Your objective >> Reproduce word for word, from the entries below, the line with "#23984 = CARTESIAN_POINT", the line with "#35468 = DIRECTION", and every line between them, and nothing more.
/---
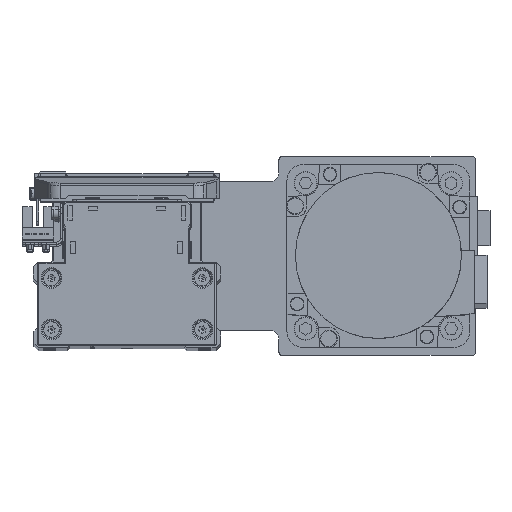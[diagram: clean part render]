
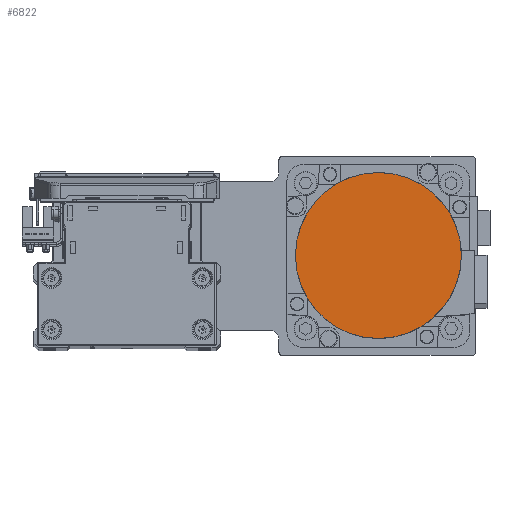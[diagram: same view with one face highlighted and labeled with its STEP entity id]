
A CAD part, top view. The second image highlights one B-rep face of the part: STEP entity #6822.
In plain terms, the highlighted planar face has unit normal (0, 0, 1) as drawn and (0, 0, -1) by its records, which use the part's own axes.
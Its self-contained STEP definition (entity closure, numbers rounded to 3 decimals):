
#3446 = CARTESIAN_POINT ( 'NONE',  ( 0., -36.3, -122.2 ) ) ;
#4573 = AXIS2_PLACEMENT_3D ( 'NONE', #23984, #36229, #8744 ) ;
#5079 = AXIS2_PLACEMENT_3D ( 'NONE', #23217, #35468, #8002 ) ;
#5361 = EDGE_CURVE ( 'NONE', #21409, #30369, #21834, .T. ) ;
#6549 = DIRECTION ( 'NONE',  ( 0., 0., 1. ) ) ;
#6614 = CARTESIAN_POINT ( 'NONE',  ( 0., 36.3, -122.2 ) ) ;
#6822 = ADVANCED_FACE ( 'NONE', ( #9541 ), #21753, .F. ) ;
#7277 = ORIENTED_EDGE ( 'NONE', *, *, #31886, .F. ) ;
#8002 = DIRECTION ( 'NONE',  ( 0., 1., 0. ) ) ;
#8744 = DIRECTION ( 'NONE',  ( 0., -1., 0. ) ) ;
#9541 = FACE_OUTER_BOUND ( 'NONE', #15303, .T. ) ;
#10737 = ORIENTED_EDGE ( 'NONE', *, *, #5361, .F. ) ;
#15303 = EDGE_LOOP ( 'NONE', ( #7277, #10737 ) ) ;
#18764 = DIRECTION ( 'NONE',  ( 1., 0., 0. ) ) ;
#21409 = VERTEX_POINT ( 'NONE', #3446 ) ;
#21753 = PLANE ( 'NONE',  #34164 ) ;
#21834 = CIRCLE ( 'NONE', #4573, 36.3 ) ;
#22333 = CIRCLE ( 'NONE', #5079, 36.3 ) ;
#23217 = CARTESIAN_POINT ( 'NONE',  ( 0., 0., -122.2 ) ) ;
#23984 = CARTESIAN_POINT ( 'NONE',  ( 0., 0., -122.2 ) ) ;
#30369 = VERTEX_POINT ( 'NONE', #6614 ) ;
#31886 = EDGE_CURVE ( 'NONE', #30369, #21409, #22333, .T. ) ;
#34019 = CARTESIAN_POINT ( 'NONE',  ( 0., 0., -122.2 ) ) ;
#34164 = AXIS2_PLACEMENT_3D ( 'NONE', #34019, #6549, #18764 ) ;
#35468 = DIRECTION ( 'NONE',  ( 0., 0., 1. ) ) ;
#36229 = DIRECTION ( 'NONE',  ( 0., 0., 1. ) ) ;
\---
Response to the task >>
#23984 = CARTESIAN_POINT ( 'NONE',  ( 0., 0., -122.2 ) ) ;
#30369 = VERTEX_POINT ( 'NONE', #6614 ) ;
#31886 = EDGE_CURVE ( 'NONE', #30369, #21409, #22333, .T. ) ;
#34019 = CARTESIAN_POINT ( 'NONE',  ( 0., 0., -122.2 ) ) ;
#34164 = AXIS2_PLACEMENT_3D ( 'NONE', #34019, #6549, #18764 ) ;
#35468 = DIRECTION ( 'NONE',  ( 0., 0., 1. ) ) ;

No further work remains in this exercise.